··· Material for this task ···

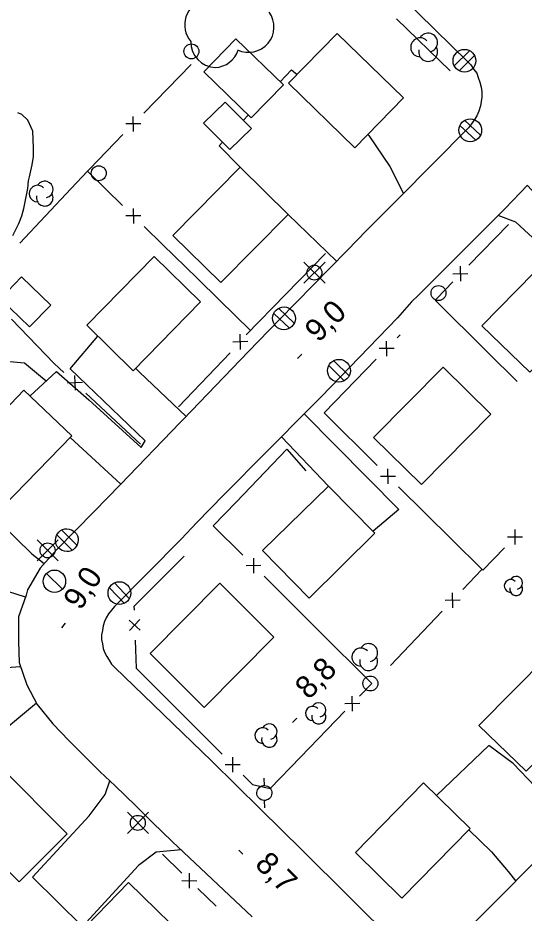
# Model space of a CAD drawing. Extents: x 381879 to 384696, y 5564785 to 5567594.
# Drawn here: x 383086.9 to 383154.5, y 5565538.7 to 5565658.4 of the extents above; entities that cross this region are included whole.
import ezdxf

# ---------------------------------------------------------------- set-up
doc = ezdxf.new("R2010")
doc.units = 0
for name, color, linetype in [('Niveau 19', 7, 'Continuous'), ('Niveau 2', 7, 'Continuous'), ('Niveau 21', 7, 'Continuous'), ('Niveau 22', 7, 'Continuous'), ('Niveau 3', 7, 'Continuous'), ('Niveau 31', 7, 'Continuous'), ('Niveau 36', 7, 'Continuous'), ('Niveau 37', 7, 'Continuous'), ('Niveau 44', 7, 'Continuous')]:
    doc.layers.add(name, color=color, linetype=linetype)

msp = doc.modelspace()

# ---------------------------------------------------------------- linework, layer by layer
at = {"layer": 'Niveau 19'}
for points in [[(383121.95, 5565649.84), (383123.47, 5565651.43), (383124.2, 5565650.81)], [(383117.02, 5565644.68), (383117.69, 5565645.38)], [(383133.65, 5565642.78), (383133.79, 5565642.67), (383136.58, 5565638.51), (383138.41, 5565634.92)], [(383116.6, 5565638.4), (383113.78, 5565641.28), (383114.24, 5565641.76)], [(383154.98, 5565635.98), (383160.39, 5565630.07), (383159.86, 5565629.64), (383166.18, 5565623.33), (383164.39, 5565621.68), (383158.8, 5565627.19), (383158.2, 5565626.7), (383155.09, 5565629.5), (383153.4, 5565631.09), (383151.08, 5565631.98)], [(383129.48, 5565625.85), (383123, 5565632.1)], [(383088.52, 5565607.82), (383092.06, 5565611.12), (383096.4, 5565607.33), (383103.36, 5565600.95), (383103.93, 5565601.84), (383093.9, 5565611.46), (383097.59, 5565615.84)], [(383102.64, 5565611.54), (383103.15, 5565611.02), (383109.38, 5565605.1)], [(383125.16, 5565605.45), (383137.78, 5565592.66), (383134.35, 5565589.76)], [(383100.64, 5565596.05), (383093.89, 5565602.28)], [(383128.4, 5565595.8), (383122.1, 5565602.37)], [(383090.41, 5565585.38), (383088.79, 5565586.7)], [(383087.91, 5565580.95), (383077.34, 5565584.33)], [(383078.43, 5565565.36), (383079.25, 5565567.78), (383082.99, 5565570.67), (383085.4, 5565571.55), (383087.27, 5565571.69)], [(383089.4, 5565566.79), (383084.03, 5565562.31), (383076.8, 5565555.33), (383072.08, 5565550.36), (383068.41, 5565554.6), (383070.1, 5565556.4)], [(383160.83, 5565550.53), (383155.98, 5565555.67), (383153.07, 5565558.72), (383149.83, 5565561.11), (383142.81, 5565554.41)], [(383108.7, 5565547.17), (383105.36, 5565546.87), (383103.04, 5565545.05), (383095.53, 5565536.91), (383088.88, 5565543.49), (383096.42, 5565551.72), (383098.58, 5565554.57), (383099.18, 5565556.38)], [(383147.13, 5565549.83), (383150.18, 5565546.89), (383152.39, 5565544.29), (383153.41, 5565542.98)]]:
    msp.add_lwpolyline(points, dxfattribs=at)
at = {"layer": 'Niveau 2'}
msp.add_lwpolyline([(383086.24, 5565629.3), (383087.02, 5565630.87), (383087.44, 5565631.91), (383087.72, 5565632.9), (383087.91, 5565633.99), (383088.24, 5565635.57), (383088.31, 5565636.61), (383088.45, 5565637.11), (383088.83, 5565638.74), (383089.01, 5565639.87), (383089.01, 5565641.01), (383088.9, 5565643.22), (383088.7, 5565643.74), (383088.24, 5565644.72), (383087.45, 5565645.48), (383086.9, 5565645.67)], dxfattribs=at)
at = {"layer": 'Niveau 21'}
for points in [[(383107.9, 5565690.4), (383121.1, 5565677.6), (383138.2, 5565661.2), (383147, 5565652.5)], [(383147, 5565652.5), (383147.4, 5565652.1), (383147.8, 5565651.5), (383148.2, 5565651), (383148.4, 5565650.4), (383148.6, 5565649.8), (383148.8, 5565649.1), (383148.9, 5565648.5), (383148.9, 5565647.8), (383148.8, 5565647.2), (383148.7, 5565646.6), (383148.5, 5565645.9), (383148.2, 5565645.3), (383147.9, 5565644.8), (383147.5, 5565644.2), (383147.1, 5565643.7)], [(383147.1, 5565643.7), (383137.7, 5565634.2)], [(383155, 5565636), (383152, 5565632.9)], [(383137.7, 5565634.2), (383134.8, 5565631.3), (383133.5, 5565630)], [(383152, 5565632.9), (383140.4, 5565621.3), (383139.5, 5565620.4)], [(383133.5, 5565630), (383130.9, 5565627.3)], [(383130.9, 5565627.3), (383121.8, 5565618), (383117.7, 5565613.8)], [(383139.5, 5565620.4), (383137.6, 5565618.3)], [(383137.6, 5565618.3), (383127.4, 5565607.7), (383125.9, 5565606.2)], [(383117.7, 5565613.8), (383109, 5565604.7)], [(383125.9, 5565606.2), (383114.4, 5565594.6), (383110.8, 5565590.9)], [(383109, 5565604.7), (383108.6, 5565604.3), (383100.6, 5565596)], [(383100.6, 5565596), (383097.1, 5565592.4), (383092.1, 5565587.3), (383089.9, 5565584.8)], [(383110.8, 5565590.9), (383108.7, 5565588.7)], [(383108.7, 5565588.7), (383099.8, 5565579.7)], [(383089.9, 5565584.8), (383088.2, 5565581.9), (383088, 5565581.2)], [(383088, 5565581.2), (383087, 5565578.3), (383087, 5565575), (383087.1, 5565572.2), (383088.1, 5565569.2)], [(383099.8, 5565579.7), (383099.4, 5565579.2), (383099, 5565578.7), (383098.7, 5565578.2), (383098.5, 5565577.7), (383098.3, 5565577.1), (383098.2, 5565576.5), (383098.1, 5565575.9), (383098.1, 5565575.3), (383098.2, 5565574.7), (383098.3, 5565574.1), (383098.5, 5565573.6), (383098.8, 5565573), (383099.1, 5565572.5), (383099.4, 5565572), (383099.8, 5565571.6)], [(383099.8, 5565571.6), (383112.8, 5565559), (383119.3, 5565552.6)], [(383088.1, 5565569.2), (383089.5, 5565566.6), (383091.6, 5565564), (383093.7, 5565561.8), (383097.9, 5565557.6)], [(383097.9, 5565557.6), (383099.9, 5565555.7)], [(383099.9, 5565555.7), (383102.6, 5565553.1)], [(383102.6, 5565553.1), (383104.9, 5565550.8), (383107.5, 5565548.3)], [(383119.3, 5565552.6), (383124.9, 5565547.1), (383137.4, 5565534.7)], [(383145.2, 5565534.7), (383156.2, 5565545.8), (383160.9, 5565550.6)], [(383107.5, 5565548.3), (383118.2, 5565538.2)]]:
    msp.add_lwpolyline(points, dxfattribs=at)
at = {"layer": 'Niveau 22'}
msp.add_lwpolyline([(383036.05, 5565584.2), (383044.34, 5565588.91), (383053.27, 5565596.08), (383062.54, 5565605.5), (383067.76, 5565608.95), (383068.36, 5565609.34), (383076.46, 5565611.48), (383082.91, 5565612.7), (383087.81, 5565612.27), (383090.21, 5565610.25), (383090.69, 5565609.85)], dxfattribs=at)
at = {"layer": 'Niveau 3'}
for p, q in [((383124.27, 5565612.84), (383124.84, 5565613.41)), ((383092.79, 5565576.82), (383093.28, 5565577.46)), ((383123.59, 5565564.18), (383124.16, 5565564.75)), ((383116.4, 5565547.13), (383116.97, 5565546.58))]:
    msp.add_line(p, q, dxfattribs=at)
at = {"layer": 'Niveau 31'}
for points in [[(383118.09, 5565645), (383111.73, 5565651.16), (383116.02, 5565655.59), (383122.38, 5565649.43)], [(383129.57, 5565656.31), (383138.43, 5565647.67), (383131.92, 5565641.01), (383123.06, 5565649.65)], [(383115.2, 5565640.8), (383118.1, 5565643.6), (383114.6, 5565647.1), (383111.7, 5565644.3)], [(383123, 5565632.1), (383116.6, 5565638.4), (383107.6, 5565629.3), (383114, 5565623)], [(383111.3, 5565620.4), (383105.1, 5565626.5), (383096.1, 5565617.3), (383102.3, 5565611.2)], [(383155.3, 5565611), (383148.9, 5565617.2), (383158.2, 5565626.7), (383164.6, 5565620.5)], [(383088.47, 5565617.07), (383084.58, 5565620.83), (383087.4, 5565623.74), (383091.29, 5565619.98)], [(383140.8, 5565596), (383134.4, 5565602.3), (383143.7, 5565611.7), (383150.1, 5565605.4)], [(383094.1, 5565602.5), (383087.7, 5565608.6), (383078.7, 5565599.2), (383085, 5565593.1)], [(383125.8, 5565580.8), (383119.6, 5565587.2), (383128.4, 5565595.8), (383134.6, 5565589.5)], [(383111.8, 5565566.2), (383104.6, 5565573.4), (383113.9, 5565582.8), (383121.1, 5565575.6)], [(383163.9, 5565567), (383157.7, 5565573.1), (383148.5, 5565563.8), (383154.8, 5565557.7)], [(383078, 5565552), (383084.4, 5565558.4), (383093.5, 5565549.3), (383087.1, 5565542.9)], [(383147.3, 5565550), (383141.1, 5565556.1), (383132, 5565546.8), (383138.2, 5565540.7)], [(383094.7, 5565535.6), (383101.7, 5565542.8), (383111, 5565533.7), (383104, 5565526.5)]]:
    msp.add_lwpolyline(points, close=True, dxfattribs=at)
at = {"layer": 'Niveau 36'}
for p, q in [((383147.25, 5565653.99), (383145.19, 5565651.95)), ((383145.85, 5565651.31), (383147.91, 5565653.35)), ((383148.7, 5565642.72), (383146.57, 5565644.69)), ((383145.96, 5565644), (383148.09, 5565642.03)), ((383127.94, 5565625.73), (383125.12, 5565622.91)), ((383127.94, 5565622.91), (383125.12, 5565625.73)), ((383123.81, 5565617.56), (383121.71, 5565619.56)), ((383121.09, 5565618.88), (383123.19, 5565616.88)), ((383131.15, 5565610.51), (383129.09, 5565612.55)), ((383128.45, 5565611.89), (383130.51, 5565609.85)), ((383094.79, 5565587.88), (383092.74, 5565589.93)), ((383092.29, 5565588.61), (383089.47, 5565585.79)), ((383092.29, 5565585.79), (383089.47, 5565588.61)), ((383092.11, 5565589.26), (383094.16, 5565587.21)), ((383092.86, 5565582), (383090.74, 5565584.12)), ((383101.79, 5565580.75), (383099.8, 5565582.86)), ((383099.15, 5565582.21), (383101.14, 5565580.1)), ((383119.75, 5565556.76), (383119.8, 5565555.76)), ((383119.9, 5565552.76), (383119.86, 5565553.76)), ((383104.35, 5565552.18), (383101.53, 5565549.36)), ((383104.35, 5565549.36), (383101.53, 5565552.18))]:
    msp.add_line(p, q, dxfattribs=at)
for centre, radius in [((383110.09, 5565653.9), 1), ((383146.56, 5565652.65), 1.52), ((383097.71, 5565637.61), 1), ((383126.52, 5565624.32), 1), ((383143.09, 5565621.6), 1), ((383090.87, 5565587.2), 1), ((383091.79, 5565583.06), 1.5), ((383133.99, 5565569.4), 1), ((383102.93, 5565550.77), 1)]:
    msp.add_circle(centre, radius, dxfattribs=at)
for centre, major_axis, ratio in [((383147.33, 5565643.35), (0.01, 1.52), 0.999981), ((383122.45, 5565618.21), (0.02, 1.52), 0.999984), ((383129.8, 5565611.21), (-0.01, -1.52), 0.999981), ((383093.45, 5565588.56), (0.02, 1.52), 0.999984), ((383100.47, 5565581.49), (0.01, 1.52), 0.999983), ((383119.83, 5565554.77), (-0.05, -0.999), 0.999983)]:
    msp.add_ellipse(centre, major_axis=major_axis, ratio=ratio, dxfattribs=at)
at = {"layer": 'Niveau 37'}
for p, q in [((383102.35, 5565643.21), (383102.32, 5565645.21)), ((383103.34, 5565644.23), (383101.34, 5565644.2)), ((383102.32, 5565632.91), (383102.34, 5565630.91)), ((383103.33, 5565631.92), (383101.33, 5565631.9)), ((383145.98, 5565625.19), (383146.01, 5565623.18)), ((383145, 5565624.17), (383147, 5565624.2)), ((383116.66, 5565614.07), (383116.6, 5565616.08)), ((383117.63, 5565615.1), (383115.63, 5565615.05)), ((383136.19, 5565613.17), (383136.16, 5565615.18)), ((383137.17, 5565614.19), (383135.17, 5565614.16)), ((383094.49, 5565610.59), (383094.55, 5565608.59)), ((383095.52, 5565609.62), (383093.52, 5565609.56)), ((383136.35, 5565596.11), (383136.34, 5565598.11)), ((383135.34, 5565597.11), (383137.34, 5565597.12)), ((383153.33, 5565587.97), (383153.31, 5565589.97)), ((383154.32, 5565588.98), (383152.32, 5565588.96)), ((383118.37, 5565586.15), (383118.38, 5565584.15)), ((383119.38, 5565585.16), (383117.38, 5565585.14)), ((383145, 5565579.5), (383144.95, 5565581.5)), ((383145.98, 5565580.52), (383143.97, 5565580.48)), ((383101.77, 5565577.88), (383103.23, 5565576.52)), ((383101.82, 5565576.47), (383103.18, 5565577.94)), ((383131.6, 5565565.69), (383131.57, 5565567.69)), ((383132.58, 5565566.71), (383130.58, 5565566.68)), ((383114.6, 5565558.55), (383116.61, 5565558.55)), ((383115.61, 5565557.54), (383115.61, 5565559.55)), ((383108.82, 5565543.05), (383110.83, 5565543.04)), ((383109.82, 5565542.04), (383109.83, 5565544.05))]:
    msp.add_line(p, q, dxfattribs=at)
for points in [[(383144.66, 5565651.29), (383137.49, 5565658.26)], [(383103.73, 5565645.65), (383110.04, 5565652.14)], [(383094.03, 5565635.56), (383096.21, 5565637.89), (383096.52, 5565638.22), (383100.95, 5565642.78)], [(383100.9, 5565633.31), (383096.44, 5565637.67), (383096.43, 5565637.68), (383096.42, 5565637.68), (383096.21, 5565637.89)], [(383087.19, 5565628.25), (383094.03, 5565635.56)], [(383110.9, 5565623.52), (383106.22, 5565628.1), (383103.76, 5565630.51)], [(383152.42, 5565630.77), (383147.14, 5565625.31)], [(383117.39, 5565616), (383127.98, 5565626.88)], [(383117.98, 5565616.6), (383113.83, 5565620.65), (383110.9, 5565623.52)], [(383145.02, 5565623.11), (383142.86, 5565620.88)], [(383142.86, 5565620.88), (383142.64, 5565620.66), (383149.69, 5565613.66)], [(383093.06, 5565610.96), (383091.76, 5565612.18), (383086.06, 5565618.09)], [(383137.56, 5565615.61), (383137.97, 5565616.03)], [(383108.37, 5565606.37), (383115.25, 5565613.62)], [(383149.69, 5565613.66), (383153.62, 5565609.77)], [(383127.82, 5565605.56), (383134.78, 5565612.74)], [(383103.27, 5565601.38), (383095.98, 5565608.22)], [(383127.82, 5565605.56), (383134.92, 5565598.52)], [(383116.08, 5565593.66), (383122.85, 5565600.71), (383125.39, 5565597.83)], [(383137.76, 5565595.7), (383144.86, 5565588.66)], [(383088.89, 5565586.61), (383081.74, 5565593.6)], [(383116.95, 5565586.56), (383113, 5565590.46), (383116.08, 5565593.66)], [(383144.86, 5565588.66), (383148.92, 5565584.64), (383149, 5565584.56), (383151.92, 5565587.54)], [(383109.11, 5565586.44), (383102.41, 5565579.69), (383102.43, 5565579.2)], [(383126.88, 5565576.68), (383119.79, 5565583.74)], [(383146.36, 5565581.95), (383148.9, 5565584.62), (383148.92, 5565584.64)], [(383136.7, 5565571.81), (383143.6, 5565579.05)], [(383134.19, 5565569.4), (383126.88, 5565576.68)], [(383102.57, 5565575.2), (383102.71, 5565571.45), (383107.12, 5565567.03)], [(383132.55, 5565567.7), (383134.19, 5565569.4)], [(383107.12, 5565567.03), (383114.19, 5565559.96)], [(383124.68, 5565559.57), (383130.59, 5565565.68)], [(383117.02, 5565557.13), (383118.26, 5565555.89), (383120.62, 5565555.38), (383124.68, 5565559.57)], [(383106.21, 5565546.58), (383108.82, 5565544.06)], [(383110.95, 5565541.99), (383113.4, 5565539.63)]]:
    msp.add_lwpolyline(points, dxfattribs=at)
at = {"layer": 'Niveau 44'}
for centre, radius, start, end in [((383140.63, 5565654.45), 1.26, 44.1153, 269.8039), ((383141.71, 5565655.08), 1.26, 282.2692, 149.7262), ((383141.71, 5565653.82), 1.26, 166.9368, 29.6212), ((383090.5, 5565635.44), 1.11, 282.2692, 149.7262), ((383089.54, 5565634.89), 1.11, 44.1153, 269.8039), ((383090.5, 5565634.33), 1.11, 166.9368, 29.6212), ((383153.47, 5565582.86), 0.855, 282.2692, 149.7262), ((383152.73, 5565582.44), 0.855, 44.1153, 269.8039), ((383153.47, 5565582.01), 0.855, 166.9368, 29.6212), ((383132.73, 5565572.93), 1.2, 44.1153, 269.8039), ((383133.76, 5565573.53), 1.2, 282.2692, 149.7262), ((383133.76, 5565572.33), 1.2, 166.9368, 29.6212), ((383126.28, 5565565.4), 0.949, 44.1153, 269.8039), ((383127.1, 5565565.87), 0.949, 282.2692, 149.7262), ((383127.1, 5565564.93), 0.949, 166.9368, 29.6212), ((383119.6, 5565562.44), 1.04, 44.1153, 269.8039), ((383120.49, 5565562.96), 1.04, 282.2692, 149.7262), ((383120.49, 5565561.93), 1.04, 166.9368, 29.6212)]:
    msp.add_arc(centre, radius, start, end, dxfattribs=at)
for centre, major_axis, ratio, start_param, end_param in [((383112.59, 5565657.44), (1.2, -3.19), 0.999627, 3.002964, 5.058761), ((383117.71, 5565657.17), (3.03, -1.57), 0.994853, 4.748322, 7.378958), ((383113.41, 5565655.14), (3.39, 0.39), 0.999627, 3.002964, 4.567228), ((383113.09, 5565655.15), (3.26, 1.03), 0.999612, 4.468555, 5.655963)]:
    msp.add_ellipse(centre, major_axis=major_axis, ratio=ratio, start_param=start_param, end_param=end_param, dxfattribs=at)

# ---------------------------------------------------------------- texts
at = {"layer": 'Niveau 3'}
for s, rotation, p in [('9,0  ', 44.7717, (383127.05, 5565614.88)), ('9,0  ', 57.0066, (383095.29, 5565579.06)), ('8,8  ', 44.7717, (383125.74, 5565567.14)), ('8,7  ', 314.8206, (383118.43, 5565545.09))]:
    msp.add_text(s, height=3, rotation=rotation, dxfattribs=at).set_placement(p)

doc.saveas('drawing.dxf')

···

• _Exercise description_
Copy nothing past the line containing "doc.units = 0": reproduce every line from the start of the records up to it, skipping pictures.

• _Expected answer_
# Model space of a CAD drawing. Extents: x 381879 to 384696, y 5564785 to 5567594.
# Drawn here: x 383086.9 to 383154.5, y 5565538.7 to 5565658.4 of the extents above; entities that cross this region are included whole.
import ezdxf

# ---------------------------------------------------------------- set-up
doc = ezdxf.new("R2010")
doc.units = 0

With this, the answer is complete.